GDLisp source code is always written in UTF-8. GDLisp supports the full breadth of Unicode code points, so unless otherwise stated, “character” refers to a valid Unicode character.

prefixed-expr = [ prefix ], expr ;
prefix = "'" | "#'" | "`" | "," | ",." ;
expr = literal | list-expr | array-expr |
       dict-expr | vector-expr |
       nested-name | nested-node-path |
       self-name | self-node-path ;
literal = "#t" | "#f" | integer | float | string | symbol ;
list-expr = "(", ")" | "(", prefixed-expr, {prefixed-expr}, ["." prefixed-expr], ")" ;
array-expr = "[", {prefixed-expr}, "]" ;
dict-expr = "{", {prefixed-expr, prefixed-expr}, "}" ;
vector-expr = "V{", prefixed-expr, prefixed-expr, [prefixed-expr], "}" ;
nested-name = expr, ":", symbol ;
nested-node-path = expr, ":", node-path ;
self-name = "@", symbol ;
self-node-path = node-path ;
integer = ? integer literal ? ;
float = ? floating point literal ? ;
string = ? string literal ? ;
symbol = ? symbol literal ? ;
node-path = ? node path literal ? ;

GDLisp code, like any other Lisp dialect, is built up of zero or more S-expressions, where an S-expression is defined to be an (optionally prefixed) form of any of the following.

  • A literal expression

  • A list

  • An array

  • A dictionary

  • A (2D or 3D) vector

  • A nested name or node path

  • A self name or node path

Unless otherwise stated, an arbitrary amount of whitespace is allowed between adjacent tokens in the above EBNF grammar. “Whitespace” is, here, defined as any Unicode character with the White_Space=yes property.

Literals

literal = "#t" | "#f" | integer | float | string | symbol ;
integer = ? integer literal ? ;
float = ? floating point literal ? ;
string = ? string literal ? ;
symbol = ? symbol literal ? ;
node-path = ? node path literal ? ;

Literals in GDLisp are integers, floating point values, strings, symbols, or node path literals.

Integer Literals

An integer literal consists of an optional sign (+ or -) followed by one or more ASCII digits (0 to 9). The following are valid integer literals: 0, +56, -9, 10000, 00900. Leading zeroes in an integer literal are ignored. Unlike in C, the presence of a leading zero does not cause the subsequent number to be interpreted as ASCII.

Floating Point Literals

A floating point literal is an expression which matches the following regular expression

[+-]?[0-9]+(\.[0-9]+)?([eE][+-]?[0-9]+)?

and is not a valid integer literal.

String Literals

A string literal is a sequence of zero or more characters enclosed in quotation marks ". Inside the quotation marks is a sequence of individual string characters, where each individual character is one of

  • Any Unicode character other than a backslash \ or a quotation mark ".

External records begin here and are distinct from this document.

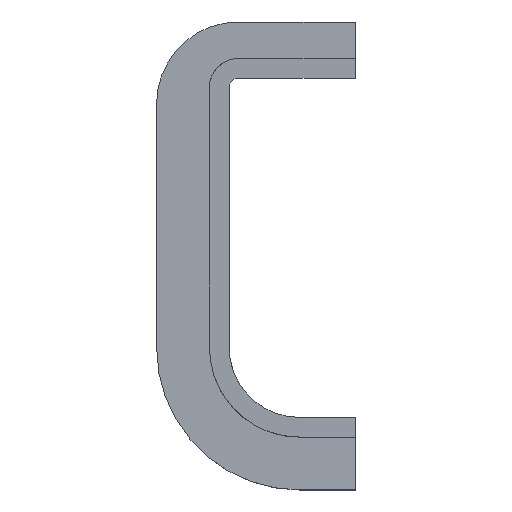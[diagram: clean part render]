
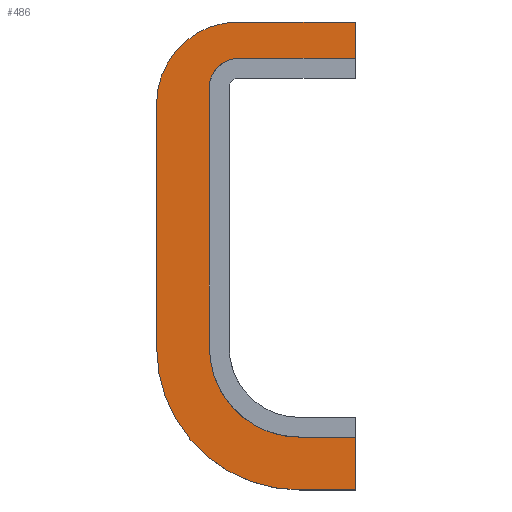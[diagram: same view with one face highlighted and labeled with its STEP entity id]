
A CAD part, top view. The second image highlights one B-rep face of the part: STEP entity #486.
In plain terms, the highlighted planar face has unit normal (0, 0, 1).
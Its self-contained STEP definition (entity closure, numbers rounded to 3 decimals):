
#23=PLANE('',#534);
#42=FACE_OUTER_BOUND('',#68,.T.);
#68=EDGE_LOOP('',(#337,#338,#339,#340,#341,#342,#343,#344,#345,#346,#347,
#348));
#95=LINE('',#727,#151);
#96=LINE('',#731,#152);
#97=LINE('',#733,#153);
#98=LINE('',#735,#154);
#99=LINE('',#739,#155);
#100=LINE('',#743,#156);
#101=LINE('',#745,#157);
#102=LINE('',#746,#158);
#151=VECTOR('',#585,10.);
#152=VECTOR('',#588,10.);
#153=VECTOR('',#589,10.);
#154=VECTOR('',#590,10.);
#155=VECTOR('',#593,10.);
#156=VECTOR('',#596,10.);
#157=VECTOR('',#597,10.);
#158=VECTOR('',#598,10.);
#205=CIRCLE('',#532,17.5);
#207=CIRCLE('',#535,30.5);
#208=CIRCLE('',#536,19.2);
#209=CIRCLE('',#537,6.2);
#213=VERTEX_POINT('',#717);
#214=VERTEX_POINT('',#718);
#217=VERTEX_POINT('',#726);
#218=VERTEX_POINT('',#728);
#219=VERTEX_POINT('',#730);
#220=VERTEX_POINT('',#732);
#221=VERTEX_POINT('',#734);
#222=VERTEX_POINT('',#736);
#223=VERTEX_POINT('',#738);
#224=VERTEX_POINT('',#740);
#225=VERTEX_POINT('',#742);
#226=VERTEX_POINT('',#744);
#261=EDGE_CURVE('',#213,#214,#205,.T.);
#265=EDGE_CURVE('',#213,#217,#95,.T.);
#266=EDGE_CURVE('',#217,#218,#207,.T.);
#267=EDGE_CURVE('',#218,#219,#96,.T.);
#268=EDGE_CURVE('',#220,#219,#97,.T.);
#269=EDGE_CURVE('',#221,#220,#98,.T.);
#270=EDGE_CURVE('',#222,#221,#208,.T.);
#271=EDGE_CURVE('',#223,#222,#99,.T.);
#272=EDGE_CURVE('',#224,#223,#209,.T.);
#273=EDGE_CURVE('',#225,#224,#100,.T.);
#274=EDGE_CURVE('',#226,#225,#101,.T.);
#275=EDGE_CURVE('',#226,#214,#102,.T.);
#337=ORIENTED_EDGE('',*,*,#261,.F.);
#338=ORIENTED_EDGE('',*,*,#265,.T.);
#339=ORIENTED_EDGE('',*,*,#266,.T.);
#340=ORIENTED_EDGE('',*,*,#267,.T.);
#341=ORIENTED_EDGE('',*,*,#268,.F.);
#342=ORIENTED_EDGE('',*,*,#269,.F.);
#343=ORIENTED_EDGE('',*,*,#270,.F.);
#344=ORIENTED_EDGE('',*,*,#271,.F.);
#345=ORIENTED_EDGE('',*,*,#272,.F.);
#346=ORIENTED_EDGE('',*,*,#273,.F.);
#347=ORIENTED_EDGE('',*,*,#274,.F.);
#348=ORIENTED_EDGE('',*,*,#275,.T.);
#486=ADVANCED_FACE('',(#42),#23,.T.);
#532=AXIS2_PLACEMENT_3D('',#719,#577,#578);
#534=AXIS2_PLACEMENT_3D('',#725,#583,#584);
#535=AXIS2_PLACEMENT_3D('',#729,#586,#587);
#536=AXIS2_PLACEMENT_3D('',#737,#591,#592);
#537=AXIS2_PLACEMENT_3D('',#741,#594,#595);
#577=DIRECTION('center_axis',(0.,0.,-1.));
#578=DIRECTION('ref_axis',(-0.707,0.707,0.));
#583=DIRECTION('center_axis',(0.,0.,1.));
#584=DIRECTION('ref_axis',(0.,1.,0.));
#585=DIRECTION('',(0.,-1.,0.));
#586=DIRECTION('center_axis',(0.,0.,1.));
#587=DIRECTION('ref_axis',(-1.,0.,0.));
#588=DIRECTION('',(1.,0.,0.));
#589=DIRECTION('',(0.,-1.,0.));
#590=DIRECTION('',(1.,0.,0.));
#591=DIRECTION('center_axis',(0.,0.,1.));
#592=DIRECTION('ref_axis',(-1.,0.,0.));
#593=DIRECTION('',(0.,-1.,0.));
#594=DIRECTION('center_axis',(0.,0.,1.));
#595=DIRECTION('ref_axis',(0.,1.,0.));
#596=DIRECTION('',(-1.,0.,0.));
#597=DIRECTION('',(0.,-1.,0.));
#598=DIRECTION('',(-1.,0.,0.));
#717=CARTESIAN_POINT('',(-42.5,-5.5,2.1));
#718=CARTESIAN_POINT('',(-25.,12.,2.1));
#719=CARTESIAN_POINT('Origin',(-25.,-5.5,2.1));
#725=CARTESIAN_POINT('Origin',(0.,4.2,2.1));
#726=CARTESIAN_POINT('',(-42.5,-57.5,2.1));
#727=CARTESIAN_POINT('',(-42.5,-2.,2.1));
#728=CARTESIAN_POINT('',(-12.,-88.,2.1));
#729=CARTESIAN_POINT('Origin',(-12.,-57.5,2.1));
#730=CARTESIAN_POINT('',(0.,-88.,2.1));
#731=CARTESIAN_POINT('',(-12.,-88.,2.1));
#732=CARTESIAN_POINT('',(0.,-76.7,2.1));
#733=CARTESIAN_POINT('',(0.,-88.,2.1));
#734=CARTESIAN_POINT('',(-12.,-76.7,2.1));
#735=CARTESIAN_POINT('',(-12.,-76.7,2.1));
#736=CARTESIAN_POINT('',(-31.2,-57.5,2.1));
#737=CARTESIAN_POINT('Origin',(-12.,-57.5,2.1));
#738=CARTESIAN_POINT('',(-31.2,-2.,2.1));
#739=CARTESIAN_POINT('',(-31.2,-2.,2.1));
#740=CARTESIAN_POINT('',(-25.,4.2,2.1));
#741=CARTESIAN_POINT('Origin',(-25.,-2.,2.1));
#742=CARTESIAN_POINT('',(0.,4.2,2.1));
#743=CARTESIAN_POINT('',(0.,4.2,2.1));
#744=CARTESIAN_POINT('',(0.,12.,2.1));
#745=CARTESIAN_POINT('',(0.,15.5,2.1));
#746=CARTESIAN_POINT('',(0.,12.,2.1));

  • A valid escape sequence beginning in a backslash \.

Escape Sequences

An escape sequence in GDLisp begins with a backslash and consists of one or more characters indicating what character the sequence should be translated to in the resulting code. GDLisp supports most of the commonly-used escape sequences found in C-style languages.

  • \n translates to a newline (0x0A)

  • \t translates to a horizontal tab (0x09)

  • \r translates to a carriage return (0x0D)

  • \a translates to the ‘alert’ character (0x07)

  • \b translates to the backspace character (0x08)

  • \f translates to a form feed (0x0C)

  • \v translates to a vertical tab (0x0B)

  • \" translates to a literal quotation mark (0x22)

  • \' translates to a literal apostrophe (0x27)

  • \\ translates to a literal backslash (0x5C)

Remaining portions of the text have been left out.